**DATA FOR REVIEW**
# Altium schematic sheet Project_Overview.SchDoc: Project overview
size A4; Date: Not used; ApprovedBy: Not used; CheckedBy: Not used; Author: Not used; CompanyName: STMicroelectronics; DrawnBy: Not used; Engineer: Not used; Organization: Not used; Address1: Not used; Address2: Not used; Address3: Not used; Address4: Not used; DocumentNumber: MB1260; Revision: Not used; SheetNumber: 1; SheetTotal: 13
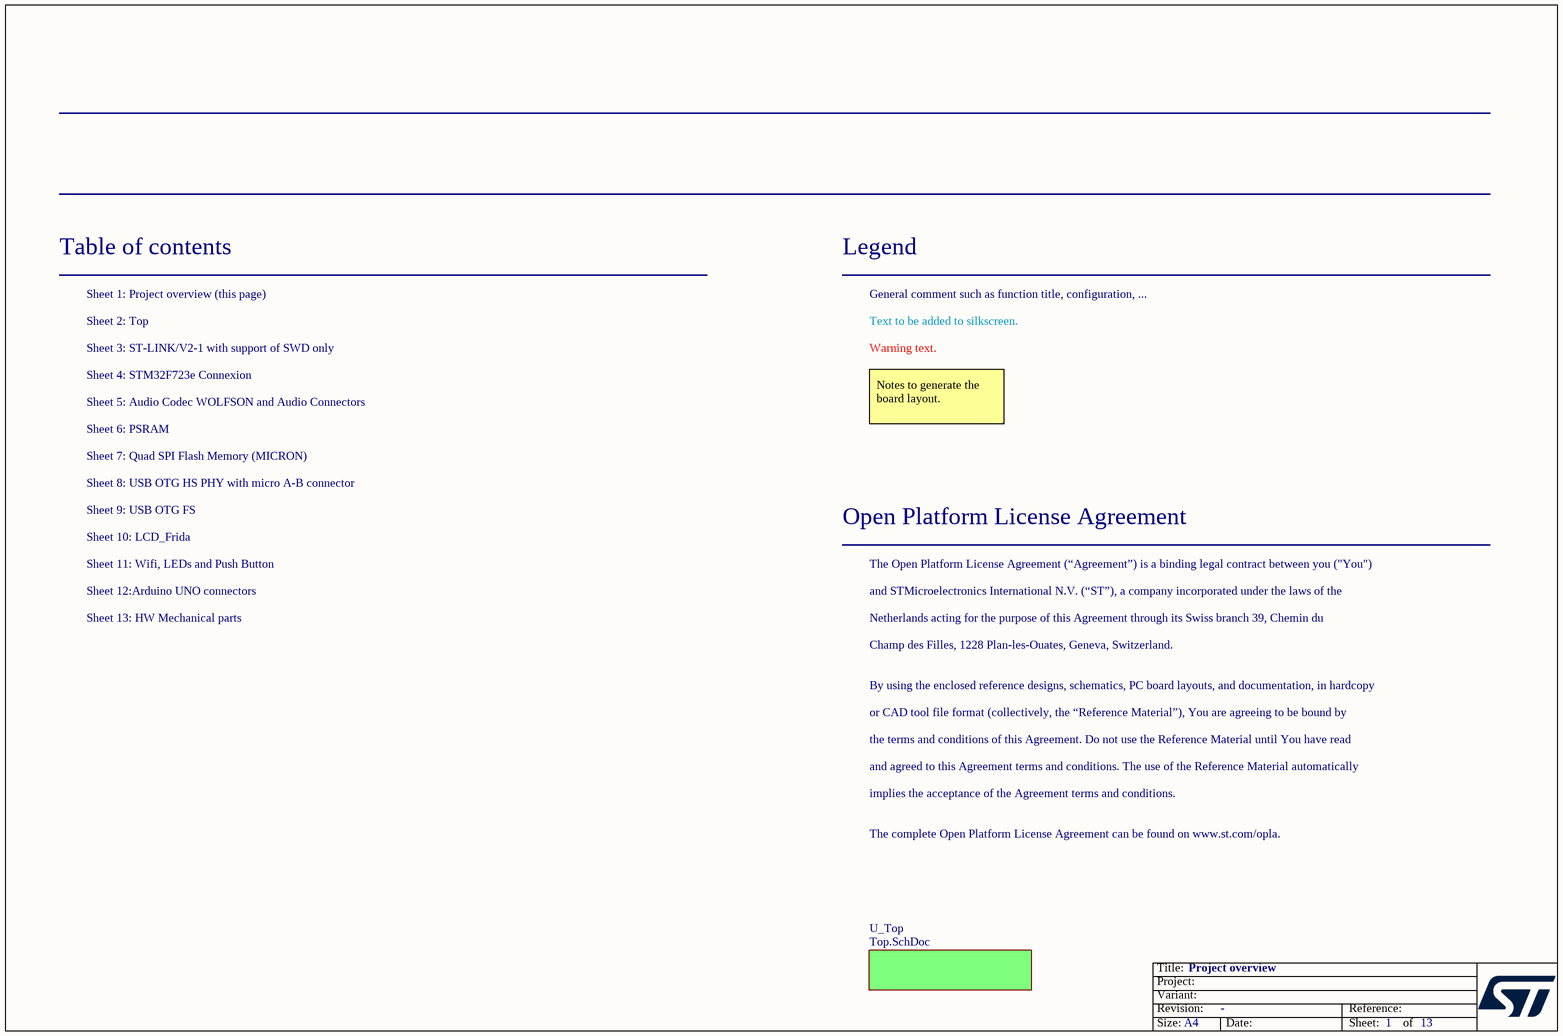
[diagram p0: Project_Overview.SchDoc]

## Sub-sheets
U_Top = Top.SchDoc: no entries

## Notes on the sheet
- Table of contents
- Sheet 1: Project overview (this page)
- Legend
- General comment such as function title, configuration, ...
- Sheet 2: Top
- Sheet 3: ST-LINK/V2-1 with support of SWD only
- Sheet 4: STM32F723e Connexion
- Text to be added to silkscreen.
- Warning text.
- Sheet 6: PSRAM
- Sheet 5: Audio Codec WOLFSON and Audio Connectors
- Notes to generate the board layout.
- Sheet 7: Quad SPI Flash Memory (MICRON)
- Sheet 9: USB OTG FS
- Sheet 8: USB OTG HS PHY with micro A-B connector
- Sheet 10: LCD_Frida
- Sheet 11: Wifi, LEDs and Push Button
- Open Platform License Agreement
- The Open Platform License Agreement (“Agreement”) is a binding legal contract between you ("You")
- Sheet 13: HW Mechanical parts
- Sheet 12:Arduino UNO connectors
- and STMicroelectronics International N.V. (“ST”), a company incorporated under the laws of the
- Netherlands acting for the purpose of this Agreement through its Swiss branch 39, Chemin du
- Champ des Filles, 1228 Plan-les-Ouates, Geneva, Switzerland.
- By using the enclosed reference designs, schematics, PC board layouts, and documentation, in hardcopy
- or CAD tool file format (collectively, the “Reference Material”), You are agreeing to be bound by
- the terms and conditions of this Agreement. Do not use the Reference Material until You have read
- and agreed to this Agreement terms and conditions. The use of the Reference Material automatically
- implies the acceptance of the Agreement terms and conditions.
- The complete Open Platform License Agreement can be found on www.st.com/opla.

**DIRECTIONS**
Would you copy out the data exactly, leaving every picture out?

**ANSWER TO THIS EXERCISE**
# Altium schematic sheet Project_Overview.SchDoc: Project overview
size A4; Date: Not used; ApprovedBy: Not used; CheckedBy: Not used; Author: Not used; CompanyName: STMicroelectronics; DrawnBy: Not used; Engineer: Not used; Organization: Not used; Address1: Not used; Address2: Not used; Address3: Not used; Address4: Not used; DocumentNumber: MB1260; Revision: Not used; SheetNumber: 1; SheetTotal: 13
[diagram p0: Project_Overview.SchDoc]

## Sub-sheets
U_Top = Top.SchDoc: no entries

## Notes on the sheet
- Table of contents
- Sheet 1: Project overview (this page)
- Legend
- General comment such as function title, configuration, ...
- Sheet 2: Top
- Sheet 3: ST-LINK/V2-1 with support of SWD only
- Sheet 4: STM32F723e Connexion
- Text to be added to silkscreen.
- Warning text.
- Sheet 6: PSRAM
- Sheet 5: Audio Codec WOLFSON and Audio Connectors
- Notes to generate the board layout.
- Sheet 7: Quad SPI Flash Memory (MICRON)
- Sheet 9: USB OTG FS
- Sheet 8: USB OTG HS PHY with micro A-B connector
- Sheet 10: LCD_Frida
- Sheet 11: Wifi, LEDs and Push Button
- Open Platform License Agreement
- The Open Platform License Agreement (“Agreement”) is a binding legal contract between you ("You")
- Sheet 13: HW Mechanical parts
- Sheet 12:Arduino UNO connectors
- and STMicroelectronics International N.V. (“ST”), a company incorporated under the laws of the
- Netherlands acting for the purpose of this Agreement through its Swiss branch 39, Chemin du
- Champ des Filles, 1228 Plan-les-Ouates, Geneva, Switzerland.
- By using the enclosed reference designs, schematics, PC board layouts, and documentation, in hardcopy
- or CAD tool file format (collectively, the “Reference Material”), You are agreeing to be bound by
- the terms and conditions of this Agreement. Do not use the Reference Material until You have read
- and agreed to this Agreement terms and conditions. The use of the Reference Material automatically
- implies the acceptance of the Agreement terms and conditions.
- The complete Open Platform License Agreement can be found on www.st.com/opla.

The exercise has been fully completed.